» To do: Your answer must be an exact copy of the records below, with every picture left out.

» Extracted entries:
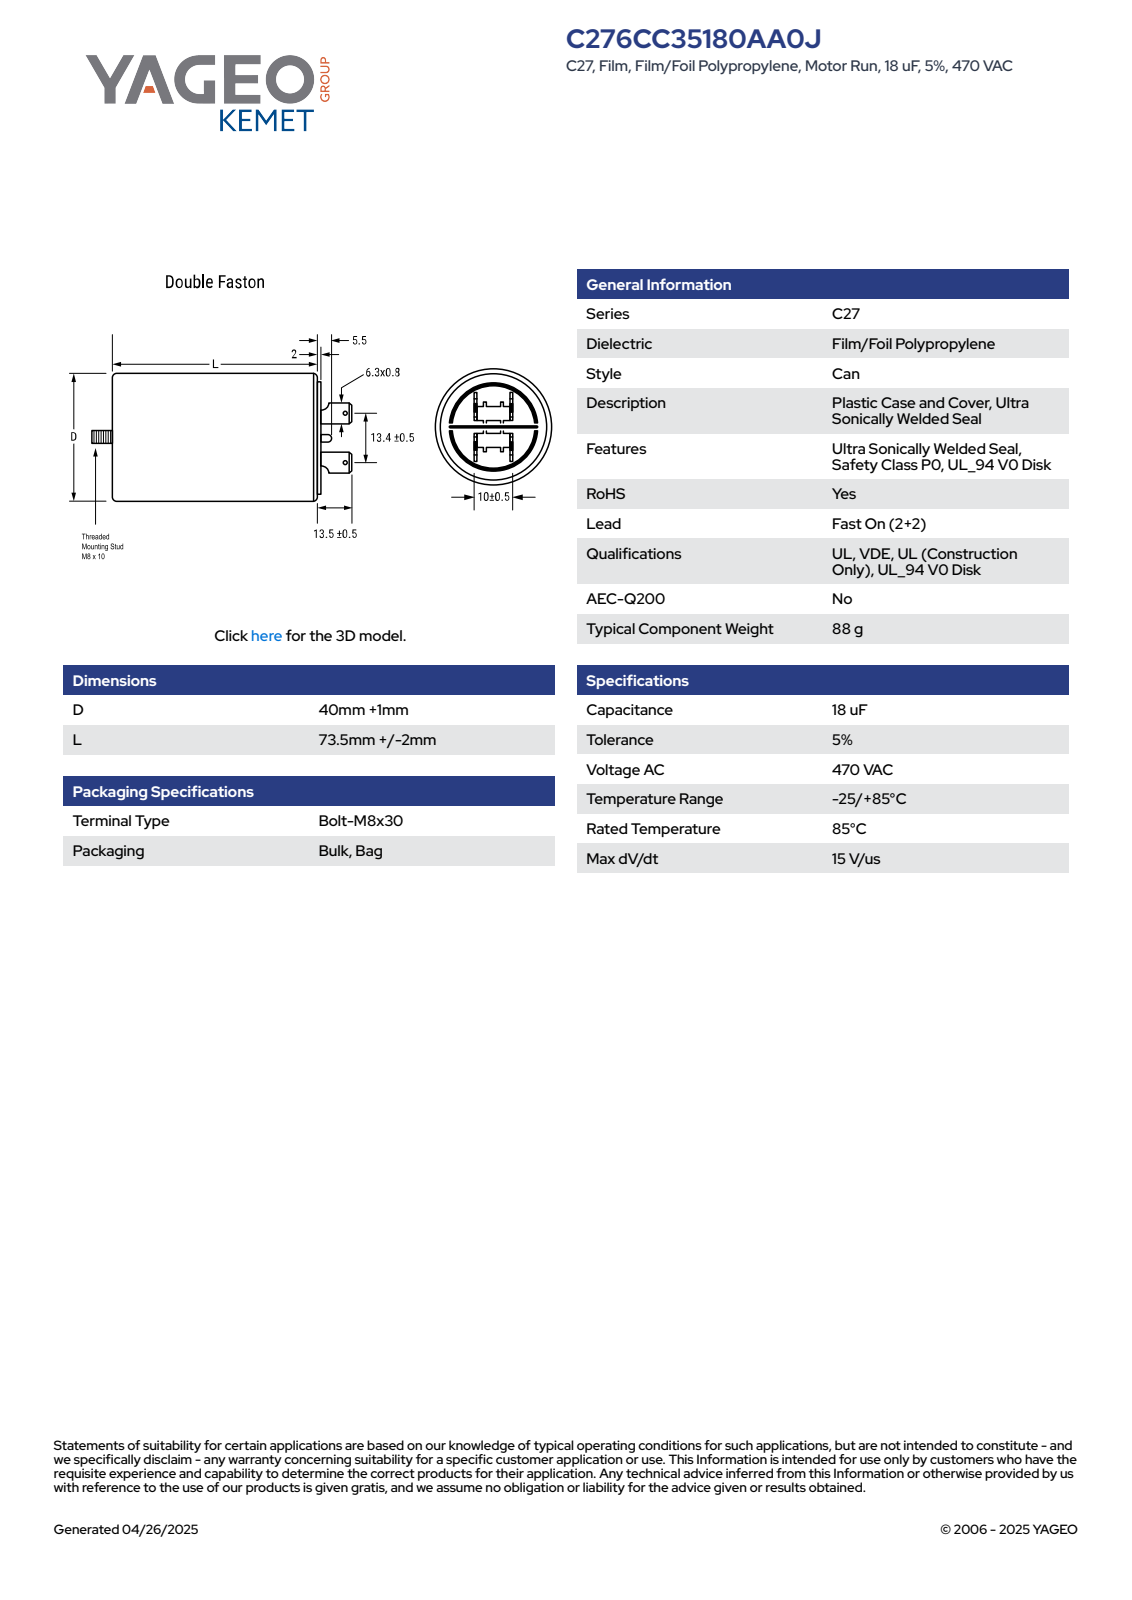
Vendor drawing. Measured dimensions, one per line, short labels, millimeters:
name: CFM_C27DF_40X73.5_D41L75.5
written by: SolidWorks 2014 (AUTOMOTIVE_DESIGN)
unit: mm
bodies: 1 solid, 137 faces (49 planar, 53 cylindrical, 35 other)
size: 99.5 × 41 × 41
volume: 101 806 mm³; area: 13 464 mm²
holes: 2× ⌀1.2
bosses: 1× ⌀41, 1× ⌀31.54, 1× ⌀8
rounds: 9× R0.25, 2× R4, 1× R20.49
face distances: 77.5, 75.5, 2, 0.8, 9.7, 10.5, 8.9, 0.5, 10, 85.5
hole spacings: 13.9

» Answer for this exercise:
Vendor drawing. Measured dimensions, one per line, short labels, millimeters:
name: CFM_C27DF_40X73.5_D41L75.5
written by: SolidWorks 2014 (AUTOMOTIVE_DESIGN)
unit: mm
bodies: 1 solid, 137 faces (49 planar, 53 cylindrical, 35 other)
size: 99.5 × 41 × 41
volume: 101 806 mm³; area: 13 464 mm²
holes: 2× ⌀1.2
bosses: 1× ⌀41, 1× ⌀31.54, 1× ⌀8
rounds: 9× R0.25, 2× R4, 1× R20.49
face distances: 77.5, 75.5, 2, 0.8, 9.7, 10.5, 8.9, 0.5, 10, 85.5
hole spacings: 13.9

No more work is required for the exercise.